在京的文武官员悉数到场,群贤毕至(褒义),将星璀璨。

今晚的排座很有意思。

为了避免明、唐两地对立,坐席安排完全按照品秩排序,不按出身排座次,大家被打散坐在了一块儿。

因此,在报纸上被公开宣传为“妖言惑众,蛊惑太上皇、唐隐帝造反”的首逆刘洎,就这么坐在了侯君集和李道宗的中间。

李靖和李世绩“武庙二人组”也是一样,他俩都是帝国的最高军事统帅,自然得并肩而坐。

而李治的前任老师马周,则和现任老师许敬宗、李义府一个座次。

类似“机缘巧合”的配对还有很多,宴会厅内外洋溢着尴尬的空气。

“你说陛下在今晚搞这一出,是有何企图啊?”李道宗隔着一个空座位,探出脑袋,和不远处的侯君集说着悄悄话。

侯君集抱着胳膊微微侧耳,无所谓地耸了耸肩膀。

“谁知道,陛下总是想一出是一出……”

“咳哼。”

一声干咳打断了两人的背后蛐蛐。

侯、李二人同时回头。

只见大唐黄门侍郎,刘洎刘宰相,红着脸、闷着头,插进了两人之间,坐在中间的席位上。

啧……侯君集不耐地咂了咂嘴,瞪了一眼这个不羞不臊的手下败将。

老刘把头垂得更低了,背却挺得笔直,跪坐在桌案前,好像一个对着酒席罚跪的小学生一般,尴尬得脚趾都快抠抽筋了。
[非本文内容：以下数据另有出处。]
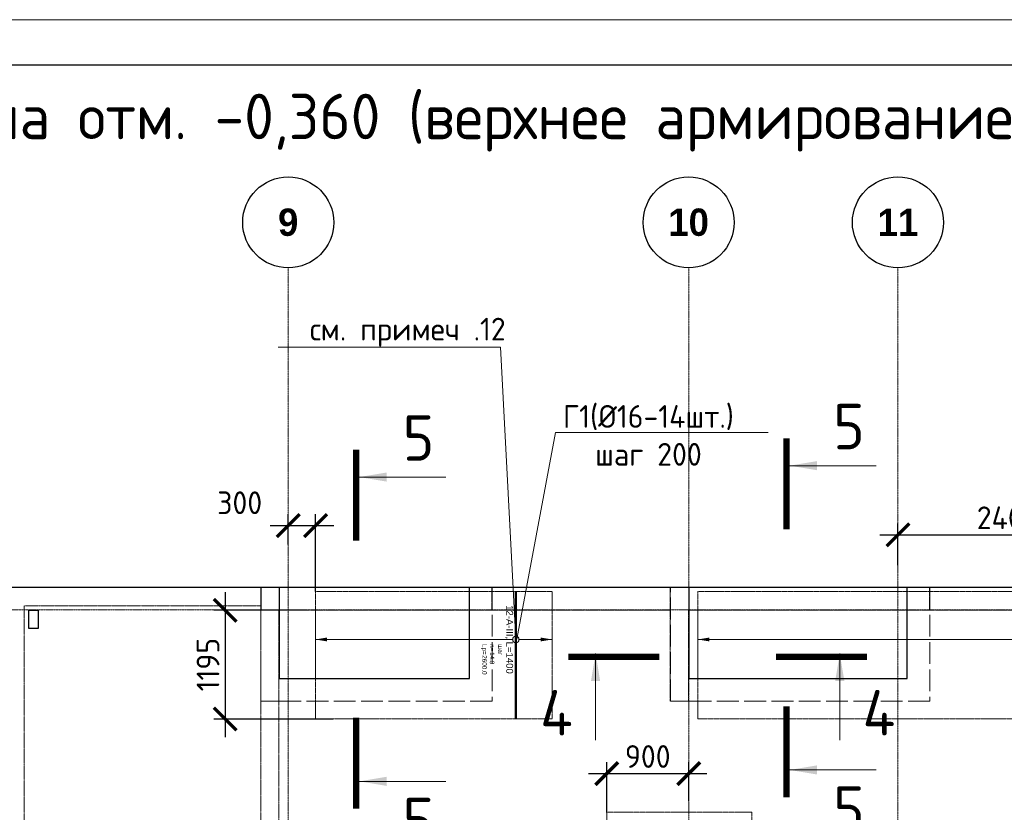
# Model space of a CAD drawing. Header units: millimetres. Extents: x -386473 to 311666, y -59273 to 291770.
# Tile 114 of 132: x 130856 to 141675, y 28990 to 37703. Entities that reach past the tile are written whole.
import ezdxf
from ezdxf import colors
from ezdxf.entities.mleader import LeaderData, LeaderLine
from ezdxf.enums import TextEntityAlignment as Align
from ezdxf.math import Vec2, Vec3

# ---------------------------------------------------------------- set-up
doc = ezdxf.new("R2010")
doc.units = ezdxf.units.MM
doc.set_wipeout_variables(frame=1)
for name, pattern in [('01 Штриховая _4 мм_', [6, 3.5, -2.5]), ('______5', [1100, 800, -100, 100, -100]), ('ACAD_ISO02W100', [15, 12, -3]), ('DASHED', [7, 5, -2, 0]), ('GOST2.303 4', [7, 5, -2, 0]), ('осевая', [50.8, 31.75, -6.35, 6.35, -6.35])]:
    doc.linetypes.add(name, pattern=pattern)
for name, color, linetype, lineweight in [('АрмСтер', 2, 'Continuous', 50), ('контур распр. стерхней', 2, 'GOST2.303 4', 20), ('Оси', 40, '______5', 18), ('Перекрытие ж_бетон', 1, 'Continuous', 30), ('подоснова', 151, 'Continuous', 5), ('РАЗМЕРЫ', 1, 'Continuous', 9), ('ТОНКИЕ', 7, 'Continuous', 9), ('Узлы', 7, 'Continuous', 0)]:
    doc.layers.add(name, color=color, linetype=linetype, lineweight=lineweight)
doc.layers.add('АрмСтер_атрибуты', color=2, linetype='Continuous', lineweight=0, plot=False)
doc.layers.add('Клапаны_для_электрика', color=7, linetype='Continuous', plot=False)
doc.layers.add('Колонна_ бетон', color=7, linetype='Continuous', lineweight=50, true_color=0xb4b496)
doc.layers.add('ТОЛСТЫЕ_ОСНОВНЫЕ', color=6, linetype='Continuous')
doc.styles.add('Century Gothic', font='GOTHIC.TTF')
doc.styles.add('GOST-2.304_Type-B', font='GOST_Common.ttf')
doc.styles.get("Standard").update_dxf_attribs({"font": 'arial.ttf'})
doc.styles.add('Аннотативный', font='arial.ttf')
doc.dimstyles.new('СПДС', dxfattribs={"dimscale": 100, "dimtxt": 2.5, "dimasz": 2.5, "dimexe": 1.25, "dimexo": 0, "dimtad": 1, "dimdec": 0, "dimtxsty": 'GOST-2.304_Type-B', "dimblk": 'ARCHTICK', "dimcen": 2.5, "dimdle": 2, "dimadec": 0, "dimazin": 2, "dimtfac": 0.75, "dimtdec": 0, "dimtmove": 1, "dimatfit": 3, "dimfxl": 1, "dimtolj": 1, "dimarcsym": 1})

# ---------------------------------------------------------------- blocks, each defined once
blk = doc.blocks.new('NSY101')
at = {"color": 0, "linetype": 'ByBlock', "lineweight": -2}
blk.add_circle((0, 0), 50, dxfattribs=at)
blk = doc.blocks.new('СЛОЖНЫЙ_ОБЪЕКТ_16')
at = {"layer": 'Оси', "color": 16, "linetype": 'Continuous', "lineweight": 25, "transparency": 33554687, "xscale": 9.999999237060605, "yscale": 9.999999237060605, "zscale": 9.999999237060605}
blk.add_blockref('NSY101', (31813, -989), dxfattribs=at)
at = {"layer": 'Оси', "color": 16, "linetype": 'Continuous', "lineweight": 25, "transparency": 33554687, "insert": (31813, -989), "char_height": 300, "width": 385, "attachment_point": 5, "style": 'Century Gothic'}
blk.add_mtext('\\A1;{\\fCentury Gothic|i0|b1;\\H300.000000;\\W1.000000;\\C16;9}\\P', dxfattribs=at)
blk = doc.blocks.new('СЛОЖНЫЙ_ОБЪЕКТ_17')
at = {"layer": 'Оси', "color": 16, "linetype": 'Continuous', "lineweight": 25, "transparency": 33554687, "xscale": 9.999999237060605, "yscale": 9.999999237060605, "zscale": 9.999999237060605}
blk.add_blockref('NSY101', (36213, -989), dxfattribs=at)
at = {"layer": 'Оси', "color": 16, "linetype": 'Continuous', "lineweight": 25, "transparency": 33554687, "insert": (36213, -989), "char_height": 300, "width": 620, "attachment_point": 5, "style": 'Century Gothic'}
blk.add_mtext('\\A1;{\\fCentury Gothic|i0|b1;\\H300.000000;\\W1.000000;\\C16;10}\\P', dxfattribs=at)
blk = doc.blocks.new('СЛОЖНЫЙ_ОБЪЕКТ_18')
at = {"layer": 'Оси', "color": 16, "linetype": 'Continuous', "lineweight": 25, "transparency": 33554687, "xscale": 9.999999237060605, "yscale": 9.999999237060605, "zscale": 9.999999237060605}
blk.add_blockref('NSY101', (38513, -989), dxfattribs=at)
at = {"layer": 'Оси', "color": 16, "linetype": 'Continuous', "lineweight": 25, "transparency": 33554687, "insert": (38513, -989), "char_height": 300, "width": 620, "attachment_point": 5, "style": 'Century Gothic'}
blk.add_mtext('\\A1;{\\fCentury Gothic|i0|b1;\\H300.000000;\\W1.000000;\\C16;11}\\P', dxfattribs=at)
blk = doc.blocks.new('оси2')
at = {"layer": 'Оси', "color": 16, "linetype": 'осевая', "lineweight": 0, "ltscale": 0.25, "transparency": 33554687}
for p, q in [((1010745.5, 5465.4), (1010745.5, -20739.3)), ((1015145.5, 5465.4), (1015145.5, -20739.3)), ((1017445.5, 5465.4), (1017445.5, -20739.3)), ((979200, 1707.1), (1032582.1, 1707.1))]:
    blk.add_line(p, q, dxfattribs=at)
at = {"layer": 'Оси', "color": 16, "linetype": 'Continuous', "lineweight": 25, "transparency": 33554687}
for name in ['СЛОЖНЫЙ_ОБЪЕКТ_16', 'СЛОЖНЫЙ_ОБЪЕКТ_17', 'СЛОЖНЫЙ_ОБЪЕКТ_18']:
    blk.add_blockref(name, (978932, 6954.9), dxfattribs=at)
blk = doc.blocks.new('_ArchTick')
at = {"color": 0, "linetype": 'ByBlock', "const_width": 0.15}
blk.add_lwpolyline([(-0.5, -0.5), (0.5, 0.5)], dxfattribs=at)
blk = doc.blocks.new('*D229')
at = {"layer": 'DEFPOINTS', "color": 0, "transparency": 16777216}
for p in [(138207, 29416), (138207, 29114, 360), (137307, 28990)]:
    blk.add_point(p, dxfattribs=at)
at = {"layer": 'РАЗМЕРЫ', "color": 0, "lineweight": -2, "transparency": 16777216}
for p, q in [((137307, 28990), (137307, 29541)), ((138207, 29114), (138207, 29541)), ((137107, 29416), (138407, 29416))]:
    blk.add_line(p, q, dxfattribs=at)
at = {"layer": 'РАЗМЕРЫ', "color": 0, "lineweight": -2, "transparency": 16777216, "xscale": 250, "yscale": 250, "zscale": 250, "rotation": 180}
blk.add_blockref('_ArchTick', (137307, 29416), dxfattribs=at)
at = {"layer": 'РАЗМЕРЫ', "color": 0, "lineweight": -2, "transparency": 16777216, "xscale": 250, "yscale": 250, "zscale": 250}
blk.add_blockref('_ArchTick', (138207, 29416), dxfattribs=at)
at = {"layer": 'РАЗМЕРЫ', "color": 0, "lineweight": 0, "transparency": 16777216, "insert": (137757, 29604), "char_height": 250, "attachment_point": 5, "style": 'GOST-2.304_Type-B'}
blk.add_mtext('\\A1;900', dxfattribs=at)
blk = doc.blocks.new('*U253')
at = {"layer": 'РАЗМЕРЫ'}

要是可以,他宁愿在旁边站一辈子,也不想坐在这两头豺狼虎豹的中间。

但是,没办法,全场大家都坐下了,只有他站着更加尴尬……

大概是觉得沉默更为难熬,刘洎又是干咳几声,开腔了:

“陛下请诸位齐聚,一定有他的道理。”

李道宗尬笑一声:

“哈哈,刘侍郎这话说得,和说了话似的。”

老刘不吭气了,脑袋快垂到了桌案上。

类似的情形,还发生在另一桌。

李靖和李世绩坐在一起,相顾无言。

“你好。”

“你好。”

沉默……

“吃了吗?”

“没呢,等开饭。你呢?”

“好巧啊,我也是。”

又是沉默……

在厅堂的上风,龙椅的左右两旁。

正副首相正襟危坐,一言不发。

房玄龄身体轻轻摇晃,他瘦得很厉害,就像台风中的一根枯竹,虽是会被狂风连根拔起。

陛下设宴,他没有理由继续病遁,必须列席。

他怀疑这场“鸿门宴”和他有关,但他没有证据。

在老房的对面,隔着一张龙椅,坐着他的老同僚长孙无忌。

长孙相同样面容庄重,不苟言笑。

他也怀疑李明陛下此举和那个什么劳什子“营养三餐”计划有关,但他同样没有证据。

在一片难堪之中,背景各异的众人,心中却有一个共同意念——

陛下在哪里?赶紧开宴、吃完走人,结束这煎熬的尴尬吧!

就在在场所有人的翘首以盼中,李明陛下姗姗来迟。

群臣由衷地松了一口气,在房玄龄、长孙无忌的带领下,齐声颂曰:

“臣,拜见陛下!”

李明端坐主位,俯瞰着一个又一个对着自己卑躬屈膝的人头,不禁感慨万千。

贞观全明星,都被他一人给集齐了!

房玄龄、长孙无忌、李靖、李世绩……

连同李世民和李治。

一个个如雷贯耳的名字,如今都在他的麾下,对他俯首称臣,在他的调配之下,为了他的天下而呕心沥血!

头一回,李明陛下真正有了“天下尽在我手”的慷慨情怀。

在感慨之余,他却忽地生出了另一个荒唐的念头:

如果在此时此地,闹出了什么事故。